A platform business may rely on bespoke integrations, but it scales through repeatable patterns, clear contracts and distribution mechanisms that reduce friction for partners and customers.
The bigger shift: From utility to platform
Perhaps the most significant takeaway from MWC 2026 is that telecom’s future will be defined more and more by programmable capability.
In the AI era, telcos can remain as connectivity pipes optimized for cost per bit, or become AI OpCos running intelligent infrastructure, where connectivity becomes capability and the network becomes a trusted fabric for data-driven decisions.
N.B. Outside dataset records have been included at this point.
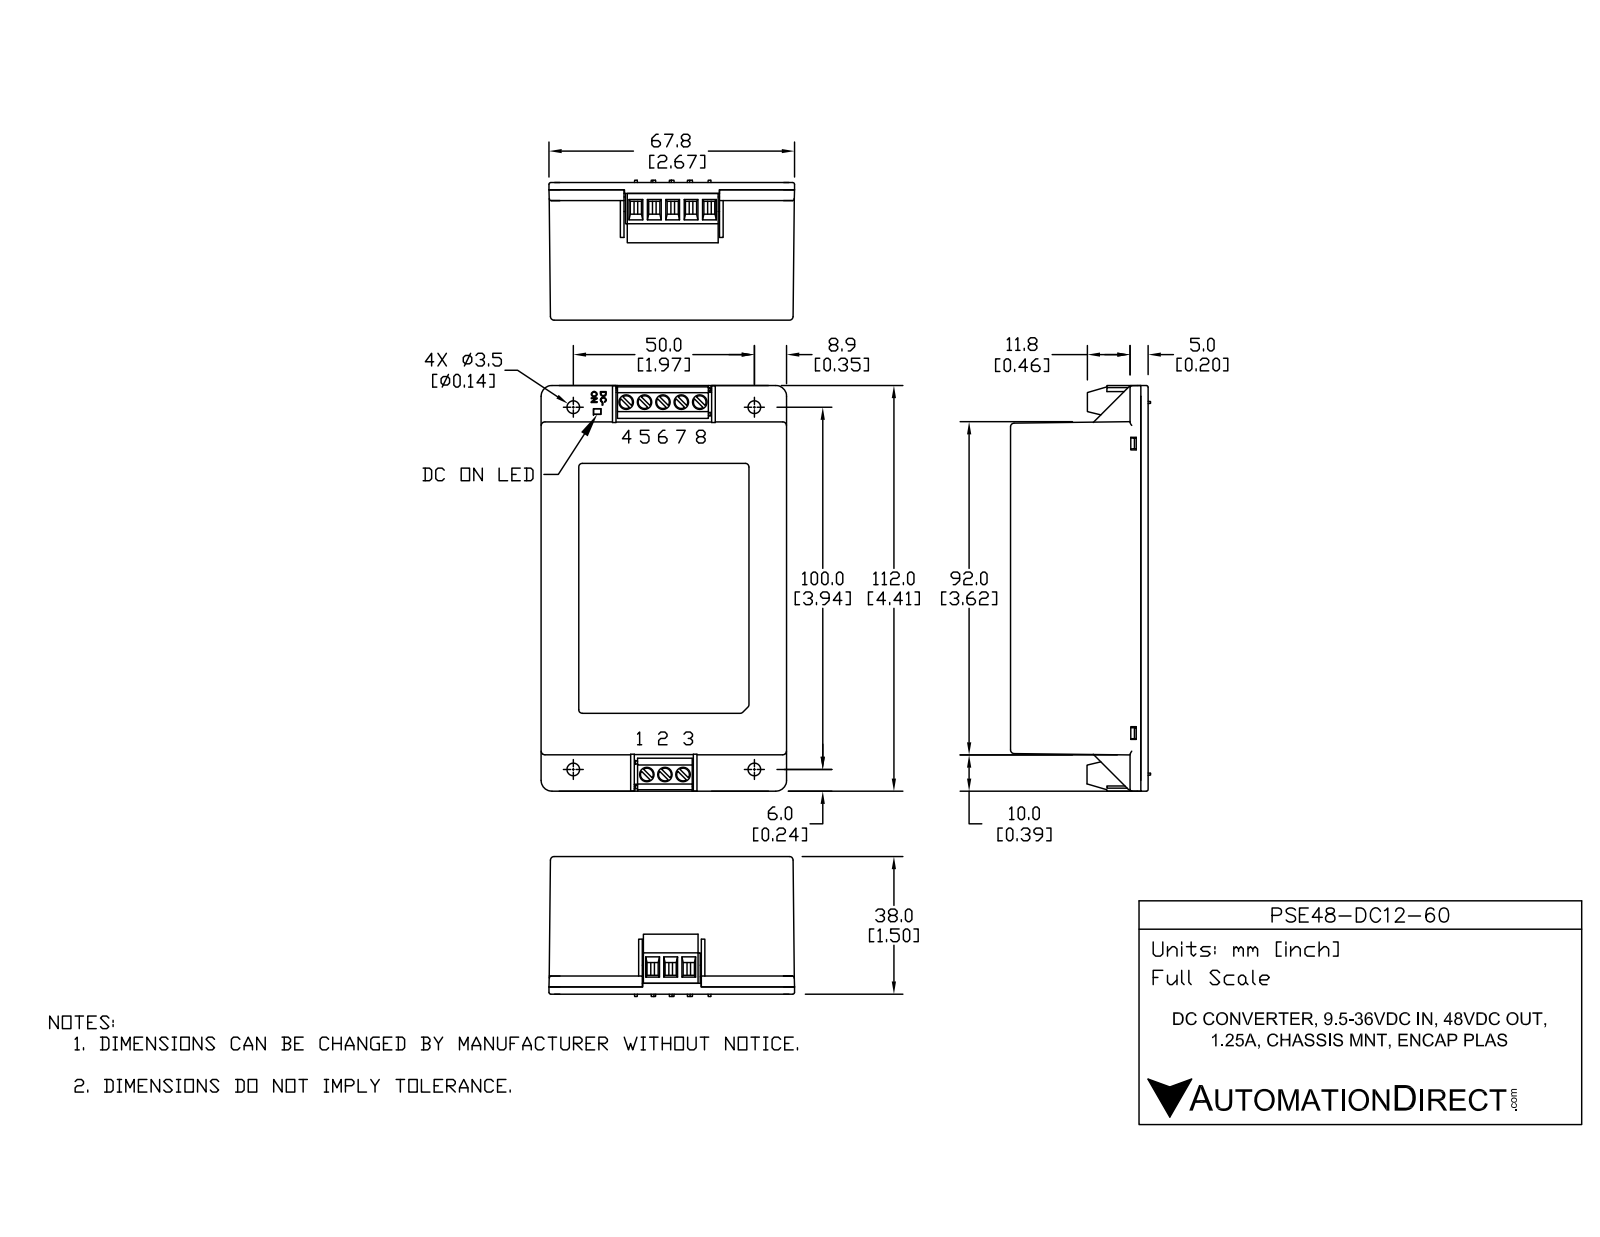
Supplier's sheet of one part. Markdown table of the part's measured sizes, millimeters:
| quantity | value |
| --- | --- |
| part name | PSE48-DC12-60 |
| STEP written by | SolidWorks 2015 (AUTOMOTIVE_DESIGN) |
| units | millimeters |
| bodies | 0 solids, 390 faces (282 planar, 89 cylindrical, 19 other) |
| overall size | 112.92 × 69.3 × 37.06 |
| round holes (diameter × count) | 4 × 10, 3.5 × 4, 2.46 × 1, 4.08 × 1, 6.5 × 1 |
| round bosses / shafts (diameter × count) | 1.5 × 4, 5 × 1 |
| partial cylindrical surfaces (radius × count) | 1 × 17, 0.5 × 8, 2.15 × 4, 2.65 × 4, 3 × 4, 3.25 × 3 |
| main face-to-face distances | 1, 0.98, 35, 34, 0.7, 1.02, 1.7, 33.3, 34.99, 33.99 |
| hole center spacings | 5.08, 10.16, 50, 102.13, 102.29, 5, 15.24, 100 |

That future is also more software-driven, more standards-aware and more ecosystem-led. It depends on operators exposing capabilities through APIs, data products and governed sharing models rather than treating every monetization path as a one-off project.
Growth will increasingly be measured in adoption, API calls, inference consumption, quality guarantees, data sharing and ecosystem integration. The operators who win will look more like platform companies than utilities. They will monetize network truth as products.
The road ahead
The industry is at a structural inflection point. Intelligent infrastructure is the lever that can deliver platform-like returns, where traffic growth alone can’t.
Snowflake is not the entire telecom stack. Operators will still need edge compute, orchestration and network modernization. They will still need to continue the 5G journey, strengthen the fiber, enable nonterrestrial resilience, and cloud foundations beneath it, and manage a more distributed future of connectivity. They will also need strong governance around security, fraud, regulation and policy as AI reaches deeper into operations. But without a unified, governed data and AI foundation, those investments cannot fully translate into monetizable intelligence.
It’s time for telecom leaders leaving MWC 2026 to think less about whether AI will matter, and more about whether they are building the intelligent infrastructure, knowledge layer and operating model required to capture the value it creates. The ones that do will move beyond connectivity and toward becoming AI OpCos delivering intelligence reliably, locally and with telecom-grade trust.